(Input data begins)

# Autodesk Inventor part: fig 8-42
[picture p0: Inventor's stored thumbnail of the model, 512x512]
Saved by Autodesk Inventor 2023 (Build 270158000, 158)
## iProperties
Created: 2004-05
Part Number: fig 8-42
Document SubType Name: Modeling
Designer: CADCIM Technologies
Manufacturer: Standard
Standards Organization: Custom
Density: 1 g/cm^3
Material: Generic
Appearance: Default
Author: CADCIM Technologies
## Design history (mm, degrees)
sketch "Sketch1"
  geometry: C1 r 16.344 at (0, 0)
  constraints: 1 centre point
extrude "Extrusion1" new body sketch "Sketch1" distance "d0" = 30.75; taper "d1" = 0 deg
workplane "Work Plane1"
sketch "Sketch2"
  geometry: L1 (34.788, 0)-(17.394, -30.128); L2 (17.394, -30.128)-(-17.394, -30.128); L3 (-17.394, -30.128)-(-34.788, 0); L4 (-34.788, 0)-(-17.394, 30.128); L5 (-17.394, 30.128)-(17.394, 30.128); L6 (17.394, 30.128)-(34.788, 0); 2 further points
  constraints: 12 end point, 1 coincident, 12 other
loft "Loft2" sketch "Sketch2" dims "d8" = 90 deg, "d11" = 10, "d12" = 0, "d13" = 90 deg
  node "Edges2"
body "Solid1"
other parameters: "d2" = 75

(Input data ends)

__Work required__: Restate all of the material exactly.

__Answer to this task__:
# Autodesk Inventor part: fig 8-42
[picture p0: Inventor's stored thumbnail of the model, 512x512]
Saved by Autodesk Inventor 2023 (Build 270158000, 158)
## iProperties
Created: 2004-05
Part Number: fig 8-42
Document SubType Name: Modeling
Designer: CADCIM Technologies
Manufacturer: Standard
Standards Organization: Custom
Density: 1 g/cm^3
Material: Generic
Appearance: Default
Author: CADCIM Technologies
## Design history (mm, degrees)
sketch "Sketch1"
  geometry: C1 r 16.344 at (0, 0)
  constraints: 1 centre point
extrude "Extrusion1" new body sketch "Sketch1" distance "d0" = 30.75; taper "d1" = 0 deg
workplane "Work Plane1"
sketch "Sketch2"
  geometry: L1 (34.788, 0)-(17.394, -30.128); L2 (17.394, -30.128)-(-17.394, -30.128); L3 (-17.394, -30.128)-(-34.788, 0); L4 (-34.788, 0)-(-17.394, 30.128); L5 (-17.394, 30.128)-(17.394, 30.128); L6 (17.394, 30.128)-(34.788, 0); 2 further points
  constraints: 12 end point, 1 coincident, 12 other
loft "Loft2" sketch "Sketch2" dims "d8" = 90 deg, "d11" = 10, "d12" = 0, "d13" = 90 deg
  node "Edges2"
body "Solid1"
other parameters: "d2" = 75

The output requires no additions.